I was surrounded by my Jesuit brothers — who love, support, encourage, and, yes, at times infuriate me just like my own family — enjoying a wonderful meal, some of which was, if I am being completely honest, better than my mom’s cooking (and if you ever tell her that I will deny it!) I was shown that throughout the day there were numerous opportunities to laugh, listen, serve and pray, and instead I chose to criticize, compare and pout. God invited me — on this government sanctioned day of gratitude, no less — to be grateful for what I had, to love what was right there in front of me, and I refused His invitation.

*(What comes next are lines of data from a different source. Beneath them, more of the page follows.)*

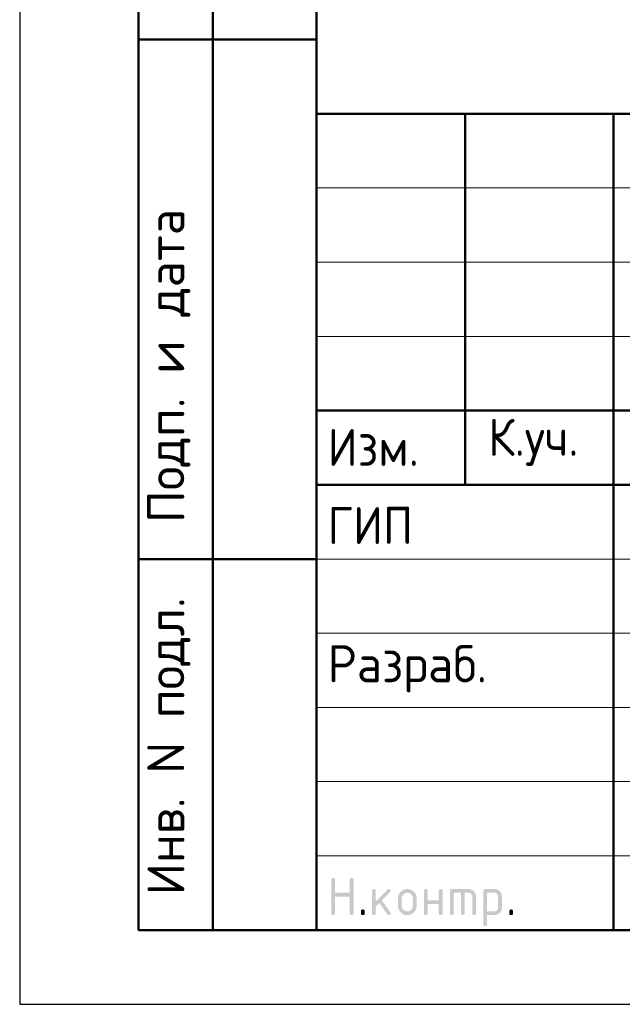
# Model space of a CAD drawing. Header units: millimetres. Extents: x 0 to 21000, y 0 to 29700.
# Tile 1 of 5: x 0 to 4060, y 0 to 6634. Entities that reach past the tile are written whole.
import ezdxf

# ---------------------------------------------------------------- set-up
doc = ezdxf.new("R2010")
doc.units = ezdxf.units.MM
doc.layers.add('Standard', color=7, linetype='Continuous', lineweight=25)
doc.styles.add('ISOCPEUR', font='txt')

msp = doc.modelspace()

# ---------------------------------------------------------------- hatches: boundary and pattern name
at = {"layer": 'Standard', "linetype": 'Continuous', "lineweight": 25, "transparency": 33554687}
for points in [[(2099.1, 613.8), (2099.1, 838.8), (2099.1, 840.4), (2099.3, 841.7), (2099.5, 843.1), (2099.9, 844.3), (2100.3, 845.4), (2100.8, 846.4), (2101.4, 847.4), (2102.2, 848.2), (2103, 848.9), (2104, 849.5), (2105, 850.1), (2106.1, 850.5), (2107.3, 850.9), (2108.7, 851.1), (2110, 851.3), (2111.6, 851.3), (2113.2, 851.3), (2114.5, 851.1), (2115.9, 850.9), (2117.1, 850.5), (2118.3, 850.1), (2119.2, 849.5), (2120.2, 848.9), (2121, 848.2), (2121.8, 847.4), (2122.4, 846.4), (2123, 845.4), (2123.4, 844.3), (2123.7, 843.1), (2123.9, 841.7), (2124.1, 840.4), (2124.1, 838.8), (2124.1, 751.3), (2223.8, 751.3), (2223.8, 838.8), (2223.8, 840.4), (2224, 841.7), (2224.2, 843.1), (2224.6, 844.3), (2225, 845.4), (2225.6, 846.4), (2226.2, 847.4), (2227, 848.2), (2227.8, 848.9), (2228.7, 849.5), (2229.7, 850.1), (2230.9, 850.5), (2232.1, 850.9), (2233.4, 851.1), (2234.8, 851.3), (2236.4, 851.3), (2237.9, 851.3), (2239.3, 851.1), (2240.7, 850.9), (2241.9, 850.5), (2243, 850.1), (2244, 849.5), (2245, 848.9), (2245.8, 848.2), (2246.6, 847.4), (2247.1, 846.4), (2247.7, 845.4), (2248.1, 844.3), (2248.5, 843.1), (2248.7, 841.7), (2248.9, 840.4), (2248.9, 838.8), (2248.9, 613.8), (2248.9, 612.2), (2248.7, 610.9), (2248.5, 609.5), (2248.1, 608.3), (2247.7, 607.1), (2247.1, 606.2), (2246.6, 605.2), (2245.8, 604.4), (2245, 603.6), (2244, 603), (2243, 602.5), (2241.9, 602.1), (2240.7, 601.7), (2239.3, 601.5), (2237.9, 601.3), (2236.4, 601.3), (2234.8, 601.3), (2233.4, 601.5), (2232.1, 601.7), (2230.9, 602.1), (2229.7, 602.5), (2228.7, 603), (2227.8, 603.6), (2227, 604.4), (2226.2, 605.2), (2225.6, 606.2), (2225, 607.1), (2224.6, 608.3), (2224.2, 609.5), (2224, 610.9), (2223.8, 612.2), (2223.8, 613.8), (2223.8, 726.3), (2124.1, 726.3), (2124.1, 613.8), (2124.1, 612.2), (2123.9, 610.9), (2123.7, 609.5), (2123.4, 608.3), (2123, 607.1), (2122.4, 606.2), (2121.8, 605.2), (2121, 604.4), (2120.2, 603.6), (2119.2, 603), (2118.3, 602.5), (2117.1, 602.1), (2115.9, 601.7), (2114.5, 601.5), (2113.2, 601.3), (2111.6, 601.3), (2110, 601.3), (2108.7, 601.5), (2107.3, 601.7), (2106.1, 602.1), (2105, 602.5), (2104, 603), (2103, 603.6), (2102.2, 604.4), (2101.4, 605.2), (2100.8, 606.2), (2100.3, 607.1), (2099.9, 608.3), (2099.5, 609.5), (2099.3, 610.9), (2099.1, 612.2)], [(2398.9, 694), (2477.5, 772.6), (2478.4, 773.4), (2479.4, 774.1), (2480.4, 774.8), (2481.5, 775.2), (2482.7, 775.7), (2483.9, 775.9), (2485.1, 776.1), (2486.4, 776.1), (2488, 776.1), (2489.3, 775.9), (2490.7, 775.8), (2491.9, 775.4), (2493.1, 775), (2494, 774.4), (2495, 773.8), (2495.8, 773), (2496.6, 772.2), (2497.2, 771.3), (2497.7, 770.3), (2498.1, 769.1), (2498.5, 767.9), (2498.7, 766.6), (2498.9, 765.2), (2498.9, 763.7), (2498.9, 762.4), (2498.7, 761.3), (2498.4, 760.1), (2498, 759), (2497.5, 757.9), (2496.8, 756.9), (2496.1, 755.9), (2495.1, 754.9), (2440.2, 700.1), (2496.4, 621), (2497.7, 619.3), (2498.3, 617.4), (2498.9, 615.6), (2498.9, 613.6), (2498.9, 612.1), (2498.7, 610.7), (2498.5, 609.4), (2498.1, 608.2), (2497.7, 607), (2497.2, 606.1), (2496.6, 605.1), (2495.8, 604.4), (2495, 603.6), (2494, 603), (2493.1, 602.4), (2491.9, 602.1), (2490.7, 601.7), (2489.3, 601.5), (2488, 601.3), (2486.4, 601.3), (2484.8, 601.3), (2483.3, 601.6), (2481.8, 601.9), (2480.5, 602.6), (2479.2, 603.3), (2478.1, 604.3), (2477, 605.3), (2476, 606.6), (2422.2, 682.1), (2398.9, 658.8), (2398.9, 613.8), (2398.9, 612.2), (2398.7, 610.9), (2398.6, 609.5), (2398.2, 608.3), (2397.8, 607.1), (2397.2, 606.2), (2396.6, 605.2), (2395.8, 604.4), (2395, 603.6), (2394, 603), (2393.1, 602.5), (2391.9, 602.1), (2390.7, 601.7), (2389.4, 601.5), (2388, 601.3), (2386.4, 601.3), (2384.9, 601.3), (2383.5, 601.5), (2382.1, 601.7), (2380.9, 602.1), (2379.8, 602.5), (2378.8, 603), (2377.8, 603.6), (2377, 604.4), (2376.2, 605.2), (2375.7, 606.2), (2375.1, 607.1), (2374.7, 608.3), (2374.3, 609.5), (2374.1, 610.8), (2373.9, 612.2), (2373.9, 613.8), (2373.9, 763.7), (2373.9, 765.2), (2374.1, 766.6), (2374.3, 767.9), (2374.7, 769.1), (2375.1, 770.3), (2375.7, 771.3), (2376.2, 772.2), (2377, 773), (2377.8, 773.8), (2378.8, 774.4), (2379.8, 775), (2380.9, 775.4), (2382.1, 775.8), (2383.5, 775.9), (2384.9, 776.1), (2386.4, 776.1), (2388, 776.1), (2389.4, 775.9), (2390.7, 775.8), (2391.9, 775.4), (2393.1, 775), (2394, 774.4), (2395, 773.8), (2395.8, 773), (2396.6, 772.2), (2397.2, 771.3), (2397.8, 770.3), (2398.2, 769.1), (2398.6, 767.9), (2398.7, 766.6), (2398.9, 765.2), (2398.9, 763.7)], [(2748.7, 676.2), (2748.7, 613.8), (2748.7, 612.2), (2748.5, 610.8), (2748.3, 609.5), (2747.9, 608.3), (2747.5, 607.1), (2746.9, 606.2), (2746.3, 605.2), (2745.5, 604.4), (2744.8, 603.6), (2743.8, 603), (2742.8, 602.5), (2741.6, 602.1), (2740.4, 601.7), (2739.1, 601.5), (2737.7, 601.3), (2736.1, 601.3), (2734.6, 601.3), (2733.2, 601.5), (2731.8, 601.7), (2730.7, 602.1), (2729.5, 602.5), (2728.5, 603), (2727.5, 603.6), (2726.8, 604.4), (2726, 605.2), (2725.4, 606.2), (2724.8, 607.1), (2724.4, 608.3), (2724, 609.5), (2723.8, 610.8), (2723.6, 612.2), (2723.6, 613.8), (2723.6, 763.7), (2723.6, 765.2), (2723.8, 766.6), (2724, 767.9), (2724.4, 769.1), (2724.8, 770.3), (2725.4, 771.3), (2726, 772.2), (2726.8, 773), (2727.5, 773.8), (2728.5, 774.4), (2729.5, 775), (2730.7, 775.4), (2731.8, 775.8), (2733.2, 775.9), (2734.6, 776.1), (2736.1, 776.1), (2737.7, 776.1), (2739.1, 775.9), (2740.4, 775.8), (2741.6, 775.4), (2742.8, 775), (2743.8, 774.4), (2744.8, 773.8), (2745.5, 773), (2746.3, 772.2), (2746.9, 771.3), (2747.5, 770.3), (2747.9, 769.1), (2748.3, 768), (2748.5, 766.6), (2748.7, 765.2), (2748.7, 763.7), (2748.7, 701.2), (2823.3, 701.2), (2823.3, 763.7), (2823.3, 765.2), (2823.5, 766.6), (2823.7, 768), (2824.1, 769.1), (2824.5, 770.3), (2825.1, 771.3), (2825.7, 772.2), (2826.5, 773), (2827.3, 773.8), (2828.2, 774.4), (2829.2, 775), (2830.4, 775.4), (2831.6, 775.8), (2832.9, 775.9), (2834.3, 776.1), (2835.9, 776.1), (2837.4, 776.1), (2838.8, 775.9), (2840.2, 775.8), (2841.3, 775.4), (2842.5, 775), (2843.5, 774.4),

I cannot make myself grateful, but I can search for God’s presence in any situation. And let me tell you right now, God is always there. Immediately upon completing my Examen last year, I vowed that this year, instead of searching for what’s wrong and what isn’t there, I would look for God’s presence throughout the day, be it in a conversation with a Jesuit brother, the shared meal, or the face of Christ in the homeless people that I encounter on the streets of Berkeley. God’s invitation to me — and to all who are unable to be where they want to be, with who they want to be with this Thanksgiving — can be found in the lyrics of an old song: “Love the One You’re With.” And so, this year, even though the turkey might be wrong, the stuffing might be filled with nuts, and bingo playing is nowhere to be found, what will be right will be those around me, and most importantly the God who is there — always there — loving us all.